# SUPPLIED INFORMATION
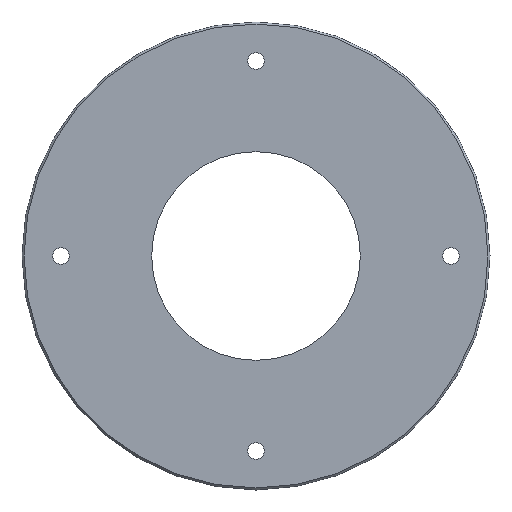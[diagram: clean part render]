
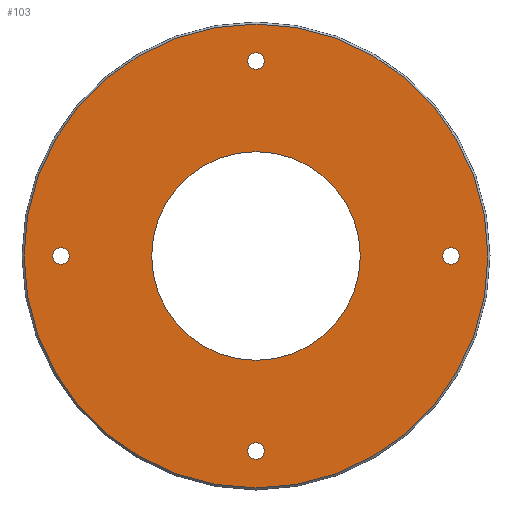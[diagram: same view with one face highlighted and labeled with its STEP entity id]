
A CAD part, left-side view. The second image highlights one B-rep face of the part: STEP entity #103.
In plain terms, the highlighted planar face has unit normal (-1, 0, 0).
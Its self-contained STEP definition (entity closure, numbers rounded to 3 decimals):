
#5 = CIRCLE ( 'NONE', #214, 4. ) ;
#6 = DIRECTION ( 'NONE',  ( 0., 0., 1. ) ) ;
#8 = DIRECTION ( 'NONE',  ( 0., 0., 1. ) ) ;
#10 = ORIENTED_EDGE ( 'NONE', *, *, #329, .T. ) ;
#14 = DIRECTION ( 'NONE',  ( 1., 0., 0. ) ) ;
#17 = AXIS2_PLACEMENT_3D ( 'NONE', #208, #284, #202 ) ;
#28 = CARTESIAN_POINT ( 'NONE',  ( 0., 0., 113.3 ) ) ;
#33 = EDGE_LOOP ( 'NONE', ( #167, #199 ) ) ;
#44 = ORIENTED_EDGE ( 'NONE', *, *, #360, .T. ) ;
#59 = PLANE ( 'NONE',  #138 ) ;
#65 = VERTEX_POINT ( 'NONE', #439 ) ;
#67 = EDGE_LOOP ( 'NONE', ( #602, #10 ) ) ;
#68 = ORIENTED_EDGE ( 'NONE', *, *, #598, .F. ) ;
#69 = AXIS2_PLACEMENT_3D ( 'NONE', #400, #14, #8 ) ;
#75 = AXIS2_PLACEMENT_3D ( 'NONE', #134, #475, #190 ) ;
#76 = DIRECTION ( 'NONE',  ( 0., 0., 1. ) ) ;
#77 = CIRCLE ( 'NONE', #183, 4. ) ;
#78 = CARTESIAN_POINT ( 'NONE',  ( 0., 0., -99.25 ) ) ;
#85 = DIRECTION ( 'NONE',  ( 0., 0., 1. ) ) ;
#89 = EDGE_CURVE ( 'NONE', #364, #309, #451, .T. ) ;
#103 = ADVANCED_FACE ( 'NONE', ( #270, #403, #274, #225, #290, #323 ), #59, .F. ) ;
#105 = EDGE_CURVE ( 'NONE', #396, #389, #375, .T. ) ;
#114 = EDGE_CURVE ( 'NONE', #159, #401, #258, .T. ) ;
#116 = CARTESIAN_POINT ( 'NONE',  ( 0., 0., 0. ) ) ;
#127 = CARTESIAN_POINT ( 'NONE',  ( 0., 0., 91.25 ) ) ;
#134 = CARTESIAN_POINT ( 'NONE',  ( 0., 0., 0. ) ) ;
#137 = AXIS2_PLACEMENT_3D ( 'NONE', #139, #477, #191 ) ;
#138 = AXIS2_PLACEMENT_3D ( 'NONE', #463, #306, #296 ) ;
#139 = CARTESIAN_POINT ( 'NONE',  ( 0., -95.25, 0. ) ) ;
#143 = CARTESIAN_POINT ( 'NONE',  ( 0., 0., -95.25 ) ) ;
#147 = DIRECTION ( 'NONE',  ( 1., 0., 0. ) ) ;
#159 = VERTEX_POINT ( 'NONE', #510 ) ;
#167 = ORIENTED_EDGE ( 'NONE', *, *, #505, .T. ) ;
#170 = CARTESIAN_POINT ( 'NONE',  ( 0., 0., 50.95 ) ) ;
#176 = DIRECTION ( 'NONE',  ( 1., 0., 0. ) ) ;
#178 = ORIENTED_EDGE ( 'NONE', *, *, #89, .F. ) ;
#183 = AXIS2_PLACEMENT_3D ( 'NONE', #295, #176, #85 ) ;
#190 = DIRECTION ( 'NONE',  ( 0., 0., 1. ) ) ;
#191 = DIRECTION ( 'NONE',  ( 0., 0., 1. ) ) ;
#196 = CIRCLE ( 'NONE', #207, 113.3 ) ;
#197 = ORIENTED_EDGE ( 'NONE', *, *, #209, .T. ) ;
#199 = ORIENTED_EDGE ( 'NONE', *, *, #105, .T. ) ;
#202 = DIRECTION ( 'NONE',  ( 0., 0., -1. ) ) ;
#203 = CARTESIAN_POINT ( 'NONE',  ( 0., 0., 0. ) ) ;
#207 = AXIS2_PLACEMENT_3D ( 'NONE', #203, #307, #361 ) ;
#208 = CARTESIAN_POINT ( 'NONE',  ( 0., 0., 0. ) ) ;
#209 = EDGE_CURVE ( 'NONE', #327, #424, #77, .T. ) ;
#214 = AXIS2_PLACEMENT_3D ( 'NONE', #259, #573, #304 ) ;
#225 = FACE_BOUND ( 'NONE', #281, .T. ) ;
#232 = DIRECTION ( 'NONE',  ( 1., 0., 0. ) ) ;
#257 = EDGE_CURVE ( 'NONE', #262, #588, #313, .T. ) ;
#258 = CIRCLE ( 'NONE', #502, 4. ) ;
#259 = CARTESIAN_POINT ( 'NONE',  ( 0., 95.25, 0. ) ) ;
#262 = VERTEX_POINT ( 'NONE', #170 ) ;
#264 = EDGE_LOOP ( 'NONE', ( #555, #418 ) ) ;
#268 = CARTESIAN_POINT ( 'NONE',  ( 0., 0., -50.95 ) ) ;
#270 = FACE_OUTER_BOUND ( 'NONE', #395, .T. ) ;
#274 = FACE_BOUND ( 'NONE', #67, .T. ) ;
#277 = CIRCLE ( 'NONE', #137, 4. ) ;
#278 = CARTESIAN_POINT ( 'NONE',  ( 0., -95.25, -4. ) ) ;
#281 = EDGE_LOOP ( 'NONE', ( #542, #554 ) ) ;
#284 = DIRECTION ( 'NONE',  ( 1., 0., 0. ) ) ;
#290 = FACE_BOUND ( 'NONE', #586, .T. ) ;
#291 = CARTESIAN_POINT ( 'NONE',  ( 0., 95.25, 0. ) ) ;
#295 = CARTESIAN_POINT ( 'NONE',  ( 0., 0., 95.25 ) ) ;
#296 = DIRECTION ( 'NONE',  ( 0., 0., -1. ) ) ;
#304 = DIRECTION ( 'NONE',  ( 0., 0., 1. ) ) ;
#306 = DIRECTION ( 'NONE',  ( 1., 0., 0. ) ) ;
#307 = DIRECTION ( 'NONE',  ( 1., 0., 0. ) ) ;
#309 = VERTEX_POINT ( 'NONE', #28 ) ;
#313 = CIRCLE ( 'NONE', #328, 50.95 ) ;
#316 = CIRCLE ( 'NONE', #69, 4. ) ;
#322 = VERTEX_POINT ( 'NONE', #278 ) ;
#323 = FACE_BOUND ( 'NONE', #33, .T. ) ;
#327 = VERTEX_POINT ( 'NONE', #127 ) ;
#328 = AXIS2_PLACEMENT_3D ( 'NONE', #116, #368, #76 ) ;
#329 = EDGE_CURVE ( 'NONE', #401, #159, #509, .T. ) ;
#338 = DIRECTION ( 'NONE',  ( 1., 0., 0. ) ) ;
#359 = AXIS2_PLACEMENT_3D ( 'NONE', #556, #338, #597 ) ;
#360 = EDGE_CURVE ( 'NONE', #424, #327, #528, .T. ) ;
#361 = DIRECTION ( 'NONE',  ( 0., 0., -1. ) ) ;
#364 = VERTEX_POINT ( 'NONE', #595 ) ;
#368 = DIRECTION ( 'NONE',  ( 1., 0., 0. ) ) ;
#375 = CIRCLE ( 'NONE', #590, 4. ) ;
#389 = VERTEX_POINT ( 'NONE', #607 ) ;
#395 = EDGE_LOOP ( 'NONE', ( #178, #68 ) ) ;
#396 = VERTEX_POINT ( 'NONE', #459 ) ;
#400 = CARTESIAN_POINT ( 'NONE',  ( 0., -95.25, 0. ) ) ;
#401 = VERTEX_POINT ( 'NONE', #78 ) ;
#403 = FACE_BOUND ( 'NONE', #264, .T. ) ;
#414 = CARTESIAN_POINT ( 'NONE',  ( 0., 0., 99.25 ) ) ;
#418 = ORIENTED_EDGE ( 'NONE', *, *, #442, .T. ) ;
#424 = VERTEX_POINT ( 'NONE', #414 ) ;
#439 = CARTESIAN_POINT ( 'NONE',  ( 0., -95.25, 4. ) ) ;
#442 = EDGE_CURVE ( 'NONE', #588, #262, #480, .T. ) ;
#451 = CIRCLE ( 'NONE', #17, 113.3 ) ;
#459 = CARTESIAN_POINT ( 'NONE',  ( 0., 95.25, -4. ) ) ;
#463 = CARTESIAN_POINT ( 'NONE',  ( 0., 113.3, 0. ) ) ;
#468 = EDGE_CURVE ( 'NONE', #322, #65, #277, .T. ) ;
#471 = DIRECTION ( 'NONE',  ( 0., 0., 1. ) ) ;
#475 = DIRECTION ( 'NONE',  ( 1., 0., 0. ) ) ;
#477 = DIRECTION ( 'NONE',  ( 1., 0., 0. ) ) ;
#480 = CIRCLE ( 'NONE', #75, 50.95 ) ;
#493 = AXIS2_PLACEMENT_3D ( 'NONE', #496, #232, #548 ) ;
#496 = CARTESIAN_POINT ( 'NONE',  ( 0., 0., 95.25 ) ) ;
#502 = AXIS2_PLACEMENT_3D ( 'NONE', #143, #516, #6 ) ;
#505 = EDGE_CURVE ( 'NONE', #389, #396, #5, .T. ) ;
#509 = CIRCLE ( 'NONE', #359, 4. ) ;
#510 = CARTESIAN_POINT ( 'NONE',  ( 0., 0., -91.25 ) ) ;
#516 = DIRECTION ( 'NONE',  ( 1., 0., 0. ) ) ;
#528 = CIRCLE ( 'NONE', #493, 4. ) ;
#542 = ORIENTED_EDGE ( 'NONE', *, *, #579, .T. ) ;
#548 = DIRECTION ( 'NONE',  ( 0., 0., 1. ) ) ;
#554 = ORIENTED_EDGE ( 'NONE', *, *, #468, .T. ) ;
#555 = ORIENTED_EDGE ( 'NONE', *, *, #257, .T. ) ;
#556 = CARTESIAN_POINT ( 'NONE',  ( 0., 0., -95.25 ) ) ;
#573 = DIRECTION ( 'NONE',  ( 1., 0., 0. ) ) ;
#579 = EDGE_CURVE ( 'NONE', #65, #322, #316, .T. ) ;
#586 = EDGE_LOOP ( 'NONE', ( #44, #197 ) ) ;
#588 = VERTEX_POINT ( 'NONE', #268 ) ;
#590 = AXIS2_PLACEMENT_3D ( 'NONE', #291, #147, #471 ) ;
#595 = CARTESIAN_POINT ( 'NONE',  ( 0., 0., -113.3 ) ) ;
#597 = DIRECTION ( 'NONE',  ( 0., 0., 1. ) ) ;
#598 = EDGE_CURVE ( 'NONE', #309, #364, #196, .T. ) ;
#602 = ORIENTED_EDGE ( 'NONE', *, *, #114, .T. ) ;
#607 = CARTESIAN_POINT ( 'NONE',  ( 0., 95.25, 4. ) ) ;

# PROBLEM DETAILS
Retype, exactly and in full, the lines above from the one containing "#67 = EDGE_LOOP ( 'NONE', ( #602, #10 ) ) ;" through the one containing "#270 = FACE_OUTER_BOUND".

# REPLY
#67 = EDGE_LOOP ( 'NONE', ( #602, #10 ) ) ;
#68 = ORIENTED_EDGE ( 'NONE', *, *, #598, .F. ) ;
#69 = AXIS2_PLACEMENT_3D ( 'NONE', #400, #14, #8 ) ;
#75 = AXIS2_PLACEMENT_3D ( 'NONE', #134, #475, #190 ) ;
#76 = DIRECTION ( 'NONE',  ( 0., 0., 1. ) ) ;
#77 = CIRCLE ( 'NONE', #183, 4. ) ;
#78 = CARTESIAN_POINT ( 'NONE',  ( 0., 0., -99.25 ) ) ;
#85 = DIRECTION ( 'NONE',  ( 0., 0., 1. ) ) ;
#89 = EDGE_CURVE ( 'NONE', #364, #309, #451, .T. ) ;
#103 = ADVANCED_FACE ( 'NONE', ( #270, #403, #274, #225, #290, #323 ), #59, .F. ) ;
#105 = EDGE_CURVE ( 'NONE', #396, #389, #375, .T. ) ;
#114 = EDGE_CURVE ( 'NONE', #159, #401, #258, .T. ) ;
#116 = CARTESIAN_POINT ( 'NONE',  ( 0., 0., 0. ) ) ;
#127 = CARTESIAN_POINT ( 'NONE',  ( 0., 0., 91.25 ) ) ;
#134 = CARTESIAN_POINT ( 'NONE',  ( 0., 0., 0. ) ) ;
#137 = AXIS2_PLACEMENT_3D ( 'NONE', #139, #477, #191 ) ;
#138 = AXIS2_PLACEMENT_3D ( 'NONE', #463, #306, #296 ) ;
#139 = CARTESIAN_POINT ( 'NONE',  ( 0., -95.25, 0. ) ) ;
#143 = CARTESIAN_POINT ( 'NONE',  ( 0., 0., -95.25 ) ) ;
#147 = DIRECTION ( 'NONE',  ( 1., 0., 0. ) ) ;
#159 = VERTEX_POINT ( 'NONE', #510 ) ;
#167 = ORIENTED_EDGE ( 'NONE', *, *, #505, .T. ) ;
#170 = CARTESIAN_POINT ( 'NONE',  ( 0., 0., 50.95 ) ) ;
#176 = DIRECTION ( 'NONE',  ( 1., 0., 0. ) ) ;
#178 = ORIENTED_EDGE ( 'NONE', *, *, #89, .F. ) ;
#183 = AXIS2_PLACEMENT_3D ( 'NONE', #295, #176, #85 ) ;
#190 = DIRECTION ( 'NONE',  ( 0., 0., 1. ) ) ;
#191 = DIRECTION ( 'NONE',  ( 0., 0., 1. ) ) ;
#196 = CIRCLE ( 'NONE', #207, 113.3 ) ;
#197 = ORIENTED_EDGE ( 'NONE', *, *, #209, .T. ) ;
#199 = ORIENTED_EDGE ( 'NONE', *, *, #105, .T. ) ;
#202 = DIRECTION ( 'NONE',  ( 0., 0., -1. ) ) ;
#203 = CARTESIAN_POINT ( 'NONE',  ( 0., 0., 0. ) ) ;
#207 = AXIS2_PLACEMENT_3D ( 'NONE', #203, #307, #361 ) ;
#208 = CARTESIAN_POINT ( 'NONE',  ( 0., 0., 0. ) ) ;
#209 = EDGE_CURVE ( 'NONE', #327, #424, #77, .T. ) ;
#214 = AXIS2_PLACEMENT_3D ( 'NONE', #259, #573, #304 ) ;
#225 = FACE_BOUND ( 'NONE', #281, .T. ) ;
#232 = DIRECTION ( 'NONE',  ( 1., 0., 0. ) ) ;
#257 = EDGE_CURVE ( 'NONE', #262, #588, #313, .T. ) ;
#258 = CIRCLE ( 'NONE', #502, 4. ) ;
#259 = CARTESIAN_POINT ( 'NONE',  ( 0., 95.25, 0. ) ) ;
#262 = VERTEX_POINT ( 'NONE', #170 ) ;
#264 = EDGE_LOOP ( 'NONE', ( #555, #418 ) ) ;
#268 = CARTESIAN_POINT ( 'NONE',  ( 0., 0., -50.95 ) ) ;
#270 = FACE_OUTER_BOUND ( 'NONE', #395, .T. ) ;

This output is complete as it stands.